Indeed, the computation was done at compile-time in the default round-to-nearest mode:

$ clang -Wall -std=c99 -S add.c && cat add.s
add.c:3:14: warning: pragma STDC FENV_ACCESS ON is not supported, ignoring
      pragma [-Wunknown-pragmas]
#pragma STDC FENV_ACCESS ON
             ^
1 warning generated.
…
LCPI1_0:
    .quad   4607182418800017408
…
    callq   _fesetround
    movb    $1, %cl
    movsd   LCPI1_0(%rip), %xmm0
    leaq    L_.str(%rip), %rdx
    movq    %rdx, %rdi
    movb    %cl, %al
    callq   _printf
…
L_.str:
    .asciz   "%a\n"

Yes, I did see the warning emitted by each compiler. I understand that turning the applicable optimizations on or off at the scale of the line may be tricky. I would still like, if that was at all possible, to turn them off at the scale of the file, which would be enough to resolve my question.
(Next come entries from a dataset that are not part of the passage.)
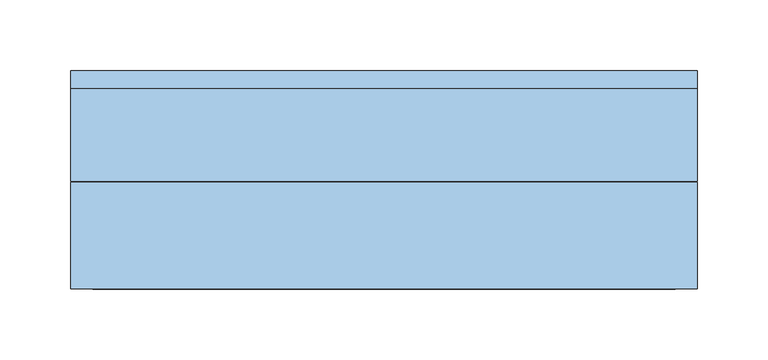
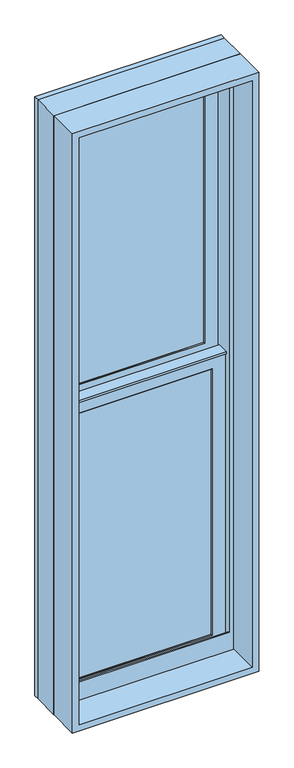
"""IFC4 building model written with IfcOpenShell, lengths in millimetres: window geometry, Window-Double_Hung-Marvin-Essential : ESDH1650."""

import ifcopenshell
import ifcopenshell.guid

model = None  # the IFC model being written
_history = None  # IfcOwnerHistory: only IFC2X3 demands one
_inside = {}  # id of a spatial element -> (the spatial element, [elements in it])
_under = {}  # id of a project, library or spatial element -> (it, [spatial elements below it])
_declared = {}  # id of a project -> (the project, [libraries it declares])
_typed = {}  # id of a type object -> (the type object, [elements of that type])
_made_of = {}  # id of a material, layer set ... -> (it, [elements and type objects made of it])


def new_model(schema):
    """Start an empty IFC model of exactly this schema.

    Asked for "IFC4X3", IfcOpenShell would pick the latest addendum, in which some entities
    have other attributes; the version numbers below select the first issue.
    IFC2X3 requires an IfcOwnerHistory on every rooted entity: one is made here for all.
    """
    global model, _history
    if schema == "IFC4X3":
        model = ifcopenshell.file(schema_version=(4, 3, 0, 0))
    else:
        model = ifcopenshell.file(schema=schema)
    _inside.clear()
    _under.clear()
    _declared.clear()
    _typed.clear()
    _made_of.clear()
    _history = None
    if model.schema == "IFC2X3":
        org = make("IfcOrganization", Name="unknown")
        user = make(
            "IfcPersonAndOrganization",
            ThePerson=make("IfcPerson", FamilyName="unknown"),
            TheOrganization=org,
        )
        app = make(
            "IfcApplication",
            ApplicationDeveloper=org,
            Version="unknown",
            ApplicationFullName="unknown",
            ApplicationIdentifier="unknown",
        )
        _history = make(
            "IfcOwnerHistory",
            OwningUser=user,
            OwningApplication=app,
            ChangeAction="ADDED",
            CreationDate=0,
        )
    return model


def make(cls, **values):
    """One entity of the class cls with the attributes given. An attribute that is None is left unset."""
    return model.create_entity(
        cls, **{name: value for name, value in values.items() if value is not None}
    )


def rooted(cls, **values):
    """An entity with a GlobalId (a new one), such as an element, a storey or a relation."""
    return make(cls, GlobalId=ifcopenshell.guid.new(), OwnerHistory=_history, **values)


def si_unit(unit_type, name, prefix=None):
    """IfcSIUnit, for example si_unit("LENGTHUNIT", "METRE", prefix="MILLI")."""
    return make("IfcSIUnit", UnitType=unit_type, Prefix=prefix, Name=name)


def assignment(units):
    """IfcUnitAssignment: the units of a project."""
    return None if units is None else make("IfcUnitAssignment", Units=units)


def point(xyz):
    """IfcCartesianPoint."""
    return None if xyz is None else make("IfcCartesianPoint", Coordinates=xyz)


def direction(xyz):
    """IfcDirection."""
    return None if xyz is None else make("IfcDirection", DirectionRatios=xyz)


def frame(location, z_axis=None, x_axis=None):
    """IfcAxis2Placement3D, a coordinate frame: its origin and axes. An axis left out is left unset."""
    return make(
        "IfcAxis2Placement3D",
        Location=point(location),
        Axis=direction(z_axis),
        RefDirection=direction(x_axis),
    )


def origin():
    """The frame at (0, 0, 0) with its axes left unset."""
    return frame((0.0, 0.0, 0.0))


def place(relative_to, where):
    """IfcLocalPlacement: puts the frame where relative to a parent placement (None: the world)."""
    return make(
        "IfcLocalPlacement", PlacementRelTo=relative_to, RelativePlacement=where
    )


def context(
    kind, dimensions, precision=None, world=None, true_north=None, identifier=None
):
    """IfcGeometricRepresentationContext, for example the 3D "Model" context."""
    return make(
        "IfcGeometricRepresentationContext",
        ContextIdentifier=identifier,
        ContextType=kind,
        CoordinateSpaceDimension=dimensions,
        Precision=precision,
        WorldCoordinateSystem=world,
        TrueNorth=true_north,
    )


def project(units=None, contexts=None):
    """IfcProject with its units and contexts."""
    return rooted(
        "IfcProject",
        Name="project",
        RepresentationContexts=contexts,
        UnitsInContext=assignment(units),
    )


def spatial(cls, under=None, at=None, **own):
    """A site, building, storey or space (cls), placed at a placement, below another one or the project."""
    s = rooted(cls, ObjectPlacement=at, **own)
    if under is not None:
        _under.setdefault(under.id(), (under, []))[1].append(s)
    return s


def polyline(points):
    """IfcPolyline through the points."""
    return make("IfcPolyline", Points=[point(p) for p in points])


def outline(outer, holes=None, kind="AREA"):
    """IfcArbitraryClosedProfileDef: a profile drawn as a closed curve; with holes, ...WithVoids."""
    if holes is None:
        return make("IfcArbitraryClosedProfileDef", ProfileType=kind, OuterCurve=outer)
    return make(
        "IfcArbitraryProfileDefWithVoids",
        ProfileType=kind,
        OuterCurve=outer,
        InnerCurves=holes,
    )


def extrude(swept, where, along, depth):
    """IfcExtrudedAreaSolid: the profile swept, set in the frame where, extruded along a direction by depth."""
    return make(
        "IfcExtrudedAreaSolid",
        SweptArea=swept,
        Position=where,
        ExtrudedDirection=direction(along),
        Depth=depth,
    )


def faces_of(points, faces, orient=None, outer=None):
    """IfcFace entities. A face is a list of loops; a loop is a list of indices into points, from 0.

    orient and outer hold one flag for each loop. By default every Orientation is true, the
    first loop of a face is its IfcFaceOuterBound and the others are IfcFaceBound.
    """
    made = []
    for i, loops in enumerate(faces):
        bounds = []
        for j, loop in enumerate(loops):
            is_outer = j == 0 if outer is None else outer[i][j]
            bounds.append(
                make(
                    "IfcFaceOuterBound" if is_outer else "IfcFaceBound",
                    Bound=make("IfcPolyLoop", Polygon=[points[k] for k in loop]),
                    Orientation=True if orient is None else orient[i][j],
                )
            )
        made.append(make("IfcFace", Bounds=bounds))
    return made


def faceted_brep(points, faces, orient=None, outer=None, voids=None):
    """IfcFacetedBrep: a solid bounded by flat faces; with voids (closed shells), ...WithVoids."""
    shared = [point(p) for p in points]
    hull = make("IfcClosedShell", CfsFaces=faces_of(shared, faces, orient, outer))
    if voids is None:
        return make("IfcFacetedBrep", Outer=hull)
    return make(
        "IfcFacetedBrepWithVoids",
        Outer=hull,
        Voids=[
            make(cls, CfsFaces=faces_of(shared, fs, o, b)) for cls, fs, o, b in voids
        ],
    )


def shape(context_of_items, identifier, shape_type, items):
    """IfcShapeRepresentation: the items that make up one representation, for example the "Body"."""
    return make(
        "IfcShapeRepresentation",
        ContextOfItems=context_of_items,
        RepresentationIdentifier=identifier,
        RepresentationType=shape_type,
        Items=items,
    )


def source(mapping_origin, context_of_items, identifier, shape_type, items):
    """IfcRepresentationMap: a shape defined once, which mapped items show again and again."""
    return make(
        "IfcRepresentationMap",
        MappingOrigin=mapping_origin,
        MappedRepresentation=shape(context_of_items, identifier, shape_type, items),
    )


def transform(
    local_origin,
    x_axis=None,
    y_axis=None,
    z_axis=None,
    scale=None,
    scale2=None,
    scale3=None,
    uniform=True,
):
    """IfcCartesianTransformationOperator3D, or its non-uniform kind. x_axis, y_axis, z_axis: its Axis1, 2, 3."""
    if uniform:
        return make(
            "IfcCartesianTransformationOperator3D",
            Axis1=direction(x_axis),
            Axis2=direction(y_axis),
            LocalOrigin=point(local_origin),
            Scale=scale,
            Axis3=direction(z_axis),
        )
    return make(
        "IfcCartesianTransformationOperator3DnonUniform",
        Axis1=direction(x_axis),
        Axis2=direction(y_axis),
        LocalOrigin=point(local_origin),
        Scale=scale,
        Axis3=direction(z_axis),
        Scale2=scale2,
        Scale3=scale3,
    )


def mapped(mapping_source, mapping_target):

My question is: what command-line option(s) should I use with GCC or Clang so as to compile a C99 compilation unit that contains code intended to be executed with an FPU rounding mode other than the default?

Digression

While researching this question, I found this GCC C99 compliance page, containing the entry below, that I will just leave here in case someone else finds it funny. Grrrr.

floating-point      |     |
environment access  | N/A | Library feature, no compiler support required.
in <fenv.h>         |     |
2
That's just so bad :(Kuba hasn't forgotten Monica
As far as clang is concerned, you're hitting llvm.org/bugs/show_bug.cgi?id=8100Stephen Canon
@StephenCanon This excellent bug report mentions the solution for GCC, -frounding-math.Pascal Cuoq
... which only sorta works, but at least it sorta works?Stephen Canon

2 Answers

1
votes

clang or gcc -frounding-math tells them that code might run with a non-default rounding mode. It's not fully safe (it assumes the same rounding mode is active the whole time), but better than nothing. You might still need to use volatile to avoid CSE in some cases, or maybe the noinline wrapper trick from the other answer which in practice may work even better if you limit it to a single operation.


As you noticed, GCC doesn't support #pragma STDC FENV_ACCESS ON. The default behaviour is like FENV_ACCESS OFF. Instead, you have to use command line options (or maybe per-function attributes) to control FP optimizations.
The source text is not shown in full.